Tuivasa-Sheck is a dual-code international who previously played rugby league as a  and captain for the New Zealand Warriors in the NRL. In 2018 Tuivasa-Sheck became the first Warriors player to win the Dally M Medal. He also played for the Sydney Roosters in the National Rugby League, with whom he won a premiership in 2013, playing on the wing.

Background
Tuivasa-Sheck was born in Apia, Samoa. He attended Otahuhu College in Auckland, where he played both rugby union and rugby league.
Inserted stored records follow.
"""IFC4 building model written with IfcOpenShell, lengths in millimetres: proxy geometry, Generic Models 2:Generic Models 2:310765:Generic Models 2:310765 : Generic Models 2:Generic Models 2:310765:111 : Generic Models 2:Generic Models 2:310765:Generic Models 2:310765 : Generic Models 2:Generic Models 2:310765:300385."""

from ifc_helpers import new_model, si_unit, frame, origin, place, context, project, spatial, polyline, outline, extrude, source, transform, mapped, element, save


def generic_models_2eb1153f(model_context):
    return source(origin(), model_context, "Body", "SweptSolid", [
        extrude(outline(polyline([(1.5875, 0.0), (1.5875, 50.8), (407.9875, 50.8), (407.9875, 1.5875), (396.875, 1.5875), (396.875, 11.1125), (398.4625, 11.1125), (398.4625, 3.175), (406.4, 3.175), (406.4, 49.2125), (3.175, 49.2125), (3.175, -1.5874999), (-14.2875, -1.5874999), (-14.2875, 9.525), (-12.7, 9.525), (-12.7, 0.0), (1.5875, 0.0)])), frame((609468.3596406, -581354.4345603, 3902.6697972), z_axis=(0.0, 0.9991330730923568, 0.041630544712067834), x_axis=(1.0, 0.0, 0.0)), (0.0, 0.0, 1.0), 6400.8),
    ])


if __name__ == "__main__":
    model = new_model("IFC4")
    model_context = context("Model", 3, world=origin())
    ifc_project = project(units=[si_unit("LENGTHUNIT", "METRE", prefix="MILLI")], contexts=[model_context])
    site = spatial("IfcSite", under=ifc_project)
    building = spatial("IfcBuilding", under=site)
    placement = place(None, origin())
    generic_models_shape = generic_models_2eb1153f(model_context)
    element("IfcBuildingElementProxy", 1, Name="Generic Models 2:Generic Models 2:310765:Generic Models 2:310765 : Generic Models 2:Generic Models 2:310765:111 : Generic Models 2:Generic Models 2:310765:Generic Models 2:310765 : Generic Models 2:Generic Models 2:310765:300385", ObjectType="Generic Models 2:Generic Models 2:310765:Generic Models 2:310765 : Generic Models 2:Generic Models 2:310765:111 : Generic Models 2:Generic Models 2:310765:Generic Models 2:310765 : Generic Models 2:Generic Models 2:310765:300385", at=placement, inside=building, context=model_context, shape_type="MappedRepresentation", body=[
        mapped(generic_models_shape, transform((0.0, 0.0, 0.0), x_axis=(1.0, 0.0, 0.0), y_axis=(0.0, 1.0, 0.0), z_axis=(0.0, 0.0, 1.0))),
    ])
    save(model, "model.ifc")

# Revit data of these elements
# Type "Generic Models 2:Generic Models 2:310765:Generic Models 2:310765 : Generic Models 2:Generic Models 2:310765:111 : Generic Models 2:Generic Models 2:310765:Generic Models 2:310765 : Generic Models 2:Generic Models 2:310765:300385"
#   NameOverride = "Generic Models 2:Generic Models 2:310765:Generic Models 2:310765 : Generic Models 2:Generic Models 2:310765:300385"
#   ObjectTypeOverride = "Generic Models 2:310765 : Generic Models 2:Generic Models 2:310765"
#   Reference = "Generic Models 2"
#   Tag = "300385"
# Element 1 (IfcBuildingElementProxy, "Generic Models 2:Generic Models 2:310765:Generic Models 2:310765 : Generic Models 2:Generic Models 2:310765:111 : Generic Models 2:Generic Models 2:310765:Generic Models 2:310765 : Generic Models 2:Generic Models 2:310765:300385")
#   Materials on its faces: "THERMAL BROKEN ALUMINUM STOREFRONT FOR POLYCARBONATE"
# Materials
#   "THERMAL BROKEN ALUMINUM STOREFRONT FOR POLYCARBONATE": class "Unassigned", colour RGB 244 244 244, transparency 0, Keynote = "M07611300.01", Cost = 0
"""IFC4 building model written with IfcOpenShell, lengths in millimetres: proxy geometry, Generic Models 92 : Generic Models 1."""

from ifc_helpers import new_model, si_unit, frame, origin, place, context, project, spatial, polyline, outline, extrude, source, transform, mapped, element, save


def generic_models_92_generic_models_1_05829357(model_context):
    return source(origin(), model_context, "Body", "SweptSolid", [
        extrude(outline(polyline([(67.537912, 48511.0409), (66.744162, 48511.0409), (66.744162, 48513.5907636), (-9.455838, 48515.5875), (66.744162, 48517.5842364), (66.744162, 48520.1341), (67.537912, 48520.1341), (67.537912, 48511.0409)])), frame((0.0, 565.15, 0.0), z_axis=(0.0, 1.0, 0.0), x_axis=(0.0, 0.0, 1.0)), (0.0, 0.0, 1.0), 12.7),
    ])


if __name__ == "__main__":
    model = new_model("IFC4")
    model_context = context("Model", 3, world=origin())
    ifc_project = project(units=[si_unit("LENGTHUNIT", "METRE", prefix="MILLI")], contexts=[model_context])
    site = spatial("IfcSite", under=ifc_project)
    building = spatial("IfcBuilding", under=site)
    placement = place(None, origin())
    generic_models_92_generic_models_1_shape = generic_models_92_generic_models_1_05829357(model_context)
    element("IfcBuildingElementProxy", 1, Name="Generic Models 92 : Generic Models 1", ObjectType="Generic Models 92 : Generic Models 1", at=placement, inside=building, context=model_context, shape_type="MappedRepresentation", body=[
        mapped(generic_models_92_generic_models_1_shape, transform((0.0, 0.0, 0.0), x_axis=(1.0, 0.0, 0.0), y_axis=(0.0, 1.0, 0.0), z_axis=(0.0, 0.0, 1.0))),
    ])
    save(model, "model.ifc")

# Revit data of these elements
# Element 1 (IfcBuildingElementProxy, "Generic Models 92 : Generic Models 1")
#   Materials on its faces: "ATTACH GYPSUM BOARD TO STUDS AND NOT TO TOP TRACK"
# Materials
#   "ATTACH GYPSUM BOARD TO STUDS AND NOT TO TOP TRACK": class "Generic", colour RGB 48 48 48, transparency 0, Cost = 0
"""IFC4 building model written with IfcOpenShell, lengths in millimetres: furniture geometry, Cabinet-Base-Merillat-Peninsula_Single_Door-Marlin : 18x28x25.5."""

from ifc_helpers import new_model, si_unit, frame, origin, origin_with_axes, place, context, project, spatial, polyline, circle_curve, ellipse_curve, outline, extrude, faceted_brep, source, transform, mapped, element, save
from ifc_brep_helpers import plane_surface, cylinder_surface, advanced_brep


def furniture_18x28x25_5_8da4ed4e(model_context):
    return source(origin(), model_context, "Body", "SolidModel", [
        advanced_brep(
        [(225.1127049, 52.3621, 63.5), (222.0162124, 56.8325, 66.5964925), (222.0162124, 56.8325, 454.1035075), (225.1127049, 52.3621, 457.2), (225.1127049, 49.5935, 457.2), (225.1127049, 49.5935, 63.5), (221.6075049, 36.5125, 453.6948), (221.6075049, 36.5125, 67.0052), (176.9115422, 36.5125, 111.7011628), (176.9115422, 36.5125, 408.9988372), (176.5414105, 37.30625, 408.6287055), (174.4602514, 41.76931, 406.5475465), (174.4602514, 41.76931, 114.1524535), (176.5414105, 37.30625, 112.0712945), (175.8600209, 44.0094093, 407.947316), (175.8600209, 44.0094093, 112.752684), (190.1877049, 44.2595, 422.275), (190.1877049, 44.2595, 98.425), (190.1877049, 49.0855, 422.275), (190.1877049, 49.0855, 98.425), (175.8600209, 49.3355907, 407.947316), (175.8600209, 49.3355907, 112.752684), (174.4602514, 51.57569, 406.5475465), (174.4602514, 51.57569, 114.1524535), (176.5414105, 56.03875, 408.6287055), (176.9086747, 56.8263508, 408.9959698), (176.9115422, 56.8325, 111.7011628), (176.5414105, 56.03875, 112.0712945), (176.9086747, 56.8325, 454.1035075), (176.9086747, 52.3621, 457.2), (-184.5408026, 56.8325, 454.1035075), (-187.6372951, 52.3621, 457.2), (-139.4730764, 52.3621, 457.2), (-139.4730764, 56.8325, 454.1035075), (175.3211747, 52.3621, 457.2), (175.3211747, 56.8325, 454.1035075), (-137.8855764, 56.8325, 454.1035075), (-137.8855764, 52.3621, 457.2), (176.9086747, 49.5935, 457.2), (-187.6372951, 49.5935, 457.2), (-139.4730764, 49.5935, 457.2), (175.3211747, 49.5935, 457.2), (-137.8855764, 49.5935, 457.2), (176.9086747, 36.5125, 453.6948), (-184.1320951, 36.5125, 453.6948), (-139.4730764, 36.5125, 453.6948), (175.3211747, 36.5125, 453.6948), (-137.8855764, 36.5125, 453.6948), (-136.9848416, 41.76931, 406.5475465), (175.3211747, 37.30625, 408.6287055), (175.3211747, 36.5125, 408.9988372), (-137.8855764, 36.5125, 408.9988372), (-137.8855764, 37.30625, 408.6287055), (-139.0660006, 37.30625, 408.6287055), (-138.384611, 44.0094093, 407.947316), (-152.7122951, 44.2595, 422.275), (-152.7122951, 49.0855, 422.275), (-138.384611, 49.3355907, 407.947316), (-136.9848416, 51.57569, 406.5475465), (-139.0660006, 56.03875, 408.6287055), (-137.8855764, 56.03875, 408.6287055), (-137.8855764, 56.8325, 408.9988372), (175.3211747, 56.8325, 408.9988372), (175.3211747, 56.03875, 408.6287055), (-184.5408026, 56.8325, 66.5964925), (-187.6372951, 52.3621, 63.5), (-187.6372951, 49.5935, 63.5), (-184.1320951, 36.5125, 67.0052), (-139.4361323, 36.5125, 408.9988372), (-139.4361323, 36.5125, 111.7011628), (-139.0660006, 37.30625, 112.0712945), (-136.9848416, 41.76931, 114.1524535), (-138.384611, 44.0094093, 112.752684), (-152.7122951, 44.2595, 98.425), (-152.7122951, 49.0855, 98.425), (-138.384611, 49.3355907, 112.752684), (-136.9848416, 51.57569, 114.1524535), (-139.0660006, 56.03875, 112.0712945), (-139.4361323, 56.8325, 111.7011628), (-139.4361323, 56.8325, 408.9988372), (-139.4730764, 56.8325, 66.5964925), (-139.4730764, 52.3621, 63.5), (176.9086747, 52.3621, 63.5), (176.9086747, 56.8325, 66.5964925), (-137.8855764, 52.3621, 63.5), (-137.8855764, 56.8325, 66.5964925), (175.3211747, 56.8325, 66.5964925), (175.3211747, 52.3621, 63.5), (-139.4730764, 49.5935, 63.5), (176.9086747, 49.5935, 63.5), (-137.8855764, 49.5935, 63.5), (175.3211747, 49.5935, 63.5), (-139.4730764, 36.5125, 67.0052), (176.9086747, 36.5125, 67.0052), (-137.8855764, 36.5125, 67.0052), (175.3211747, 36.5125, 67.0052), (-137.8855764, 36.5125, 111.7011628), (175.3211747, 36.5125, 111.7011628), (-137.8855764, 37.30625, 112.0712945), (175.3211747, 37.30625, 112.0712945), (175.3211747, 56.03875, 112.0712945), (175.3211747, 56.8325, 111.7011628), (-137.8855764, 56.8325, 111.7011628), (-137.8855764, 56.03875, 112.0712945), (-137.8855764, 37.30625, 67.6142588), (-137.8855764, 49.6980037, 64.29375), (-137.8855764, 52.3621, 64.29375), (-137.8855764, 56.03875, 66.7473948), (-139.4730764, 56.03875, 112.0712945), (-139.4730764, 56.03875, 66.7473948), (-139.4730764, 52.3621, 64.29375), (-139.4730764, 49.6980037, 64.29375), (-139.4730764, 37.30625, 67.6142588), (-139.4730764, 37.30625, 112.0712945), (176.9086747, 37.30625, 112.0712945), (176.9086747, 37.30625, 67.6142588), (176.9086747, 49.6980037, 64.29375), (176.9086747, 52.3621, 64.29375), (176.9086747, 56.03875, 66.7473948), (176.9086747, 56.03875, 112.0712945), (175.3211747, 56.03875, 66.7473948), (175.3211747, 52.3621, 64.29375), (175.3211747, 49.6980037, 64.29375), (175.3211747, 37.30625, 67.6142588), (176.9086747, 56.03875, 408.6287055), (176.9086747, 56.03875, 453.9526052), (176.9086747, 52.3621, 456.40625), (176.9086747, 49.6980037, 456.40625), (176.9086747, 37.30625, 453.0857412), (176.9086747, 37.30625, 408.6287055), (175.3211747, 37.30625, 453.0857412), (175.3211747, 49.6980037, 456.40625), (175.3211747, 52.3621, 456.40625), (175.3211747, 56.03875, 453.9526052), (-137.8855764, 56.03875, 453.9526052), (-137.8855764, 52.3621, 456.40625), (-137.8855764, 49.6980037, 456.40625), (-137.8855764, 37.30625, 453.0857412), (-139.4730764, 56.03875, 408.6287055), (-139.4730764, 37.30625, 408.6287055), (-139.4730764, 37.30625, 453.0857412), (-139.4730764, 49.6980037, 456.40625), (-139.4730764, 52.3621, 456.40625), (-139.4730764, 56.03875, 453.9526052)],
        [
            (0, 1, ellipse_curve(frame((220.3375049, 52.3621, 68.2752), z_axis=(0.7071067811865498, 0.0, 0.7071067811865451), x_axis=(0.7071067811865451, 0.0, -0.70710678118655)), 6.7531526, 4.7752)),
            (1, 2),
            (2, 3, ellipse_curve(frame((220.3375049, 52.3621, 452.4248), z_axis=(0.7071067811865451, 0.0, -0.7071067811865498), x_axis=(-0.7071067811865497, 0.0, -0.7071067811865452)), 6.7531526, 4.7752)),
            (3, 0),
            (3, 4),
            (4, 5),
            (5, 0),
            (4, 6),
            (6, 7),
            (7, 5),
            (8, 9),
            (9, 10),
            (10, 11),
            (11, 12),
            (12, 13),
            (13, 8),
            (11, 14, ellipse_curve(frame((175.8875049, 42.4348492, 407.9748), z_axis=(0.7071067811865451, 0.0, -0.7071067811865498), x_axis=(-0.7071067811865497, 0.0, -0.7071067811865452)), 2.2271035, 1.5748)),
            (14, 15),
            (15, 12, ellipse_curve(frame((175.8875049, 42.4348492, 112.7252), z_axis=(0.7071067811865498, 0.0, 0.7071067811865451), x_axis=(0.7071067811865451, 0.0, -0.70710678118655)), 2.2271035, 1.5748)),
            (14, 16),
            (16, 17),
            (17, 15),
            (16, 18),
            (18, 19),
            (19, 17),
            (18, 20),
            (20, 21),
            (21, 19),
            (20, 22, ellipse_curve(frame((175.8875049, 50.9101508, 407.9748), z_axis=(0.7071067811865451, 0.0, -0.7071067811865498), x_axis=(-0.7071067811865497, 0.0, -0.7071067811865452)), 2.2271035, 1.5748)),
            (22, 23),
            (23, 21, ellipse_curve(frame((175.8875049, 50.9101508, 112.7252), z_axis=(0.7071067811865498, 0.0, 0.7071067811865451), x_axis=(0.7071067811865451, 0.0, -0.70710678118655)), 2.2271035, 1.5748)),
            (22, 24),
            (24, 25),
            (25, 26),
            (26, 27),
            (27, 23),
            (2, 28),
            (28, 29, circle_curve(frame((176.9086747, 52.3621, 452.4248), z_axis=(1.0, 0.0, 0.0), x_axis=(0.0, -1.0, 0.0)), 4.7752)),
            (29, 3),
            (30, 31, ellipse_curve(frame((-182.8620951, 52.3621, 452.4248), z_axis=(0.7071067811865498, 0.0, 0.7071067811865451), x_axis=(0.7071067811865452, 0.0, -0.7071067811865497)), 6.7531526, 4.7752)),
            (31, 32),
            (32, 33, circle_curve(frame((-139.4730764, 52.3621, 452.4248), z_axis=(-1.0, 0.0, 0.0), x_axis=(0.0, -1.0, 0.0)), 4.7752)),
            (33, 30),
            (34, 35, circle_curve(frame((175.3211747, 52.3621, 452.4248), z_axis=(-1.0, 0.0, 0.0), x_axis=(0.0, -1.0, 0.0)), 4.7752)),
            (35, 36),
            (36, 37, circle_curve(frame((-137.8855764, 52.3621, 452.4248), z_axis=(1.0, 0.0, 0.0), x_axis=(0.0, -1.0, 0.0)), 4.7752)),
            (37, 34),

Tuivasa-Sheck represented the New Zealand rugby union schoolboy team and captained Otahuhu College at the New Zealand Rugby League's Secondary Schools tournament in 2011 before being signed by the Sydney Roosters in October of that year.

Tuivasa-Sheck is the older brother of Johnny Tuivasa-Sheck who played for the Roosters premiership-winning Under 20s & reserve grade sides before joining Roger at the Warriors & turning out for the NZ club's reserve grade side.

Playing career

2012
Tuivasa-Sheck played for the Roosters' NYC team in 2012 and scored 9 tries in 12 games before moving on to their New South Wales Cup reserve-grade team. 

In round 21 of the 2012 NRL season, Tuivasa-Sheck made his NRL debut on the wing in the Roosters' 36-16 loss against the Gold Coast Titans at the SFS. Tuivasa-Sheck finished his debut year with 6 matches. He was named at wing in the 2012 Toyota Cup Team of the Year. In September, Tuivasa-Sheck was featured in an article listing the top ten upcoming talents of the NRL.

On 2 October, Tuivasa-Sheck was named in the Junior Kiwis team to face the Junior Kangaroos. He was named the New Zealand Rugby League's 2012 Junior of the Year. On 21 December, Tuivasa-Sheck extended his contract for a further three years, keeping him at the Roosters till the end of the 2015 season.

2013
In round 4, against Parramatta Eels at the SFS, Tuivasa-Sheck scored his first tries in first grade completing a hat-trick in the Roosters' 50-0 win. On 1 October, he was named Winger of the Year at the Dally M Awards. On 6 October 2013, Tuivasa-Sheck was part of the team that beat the Manly-Warringah Sea Eagles 26-18 for the 2013 NRL Premiership. Tuivasa-Sheck played in 25 matches and scored 9 tries for the Roosters in the 2013.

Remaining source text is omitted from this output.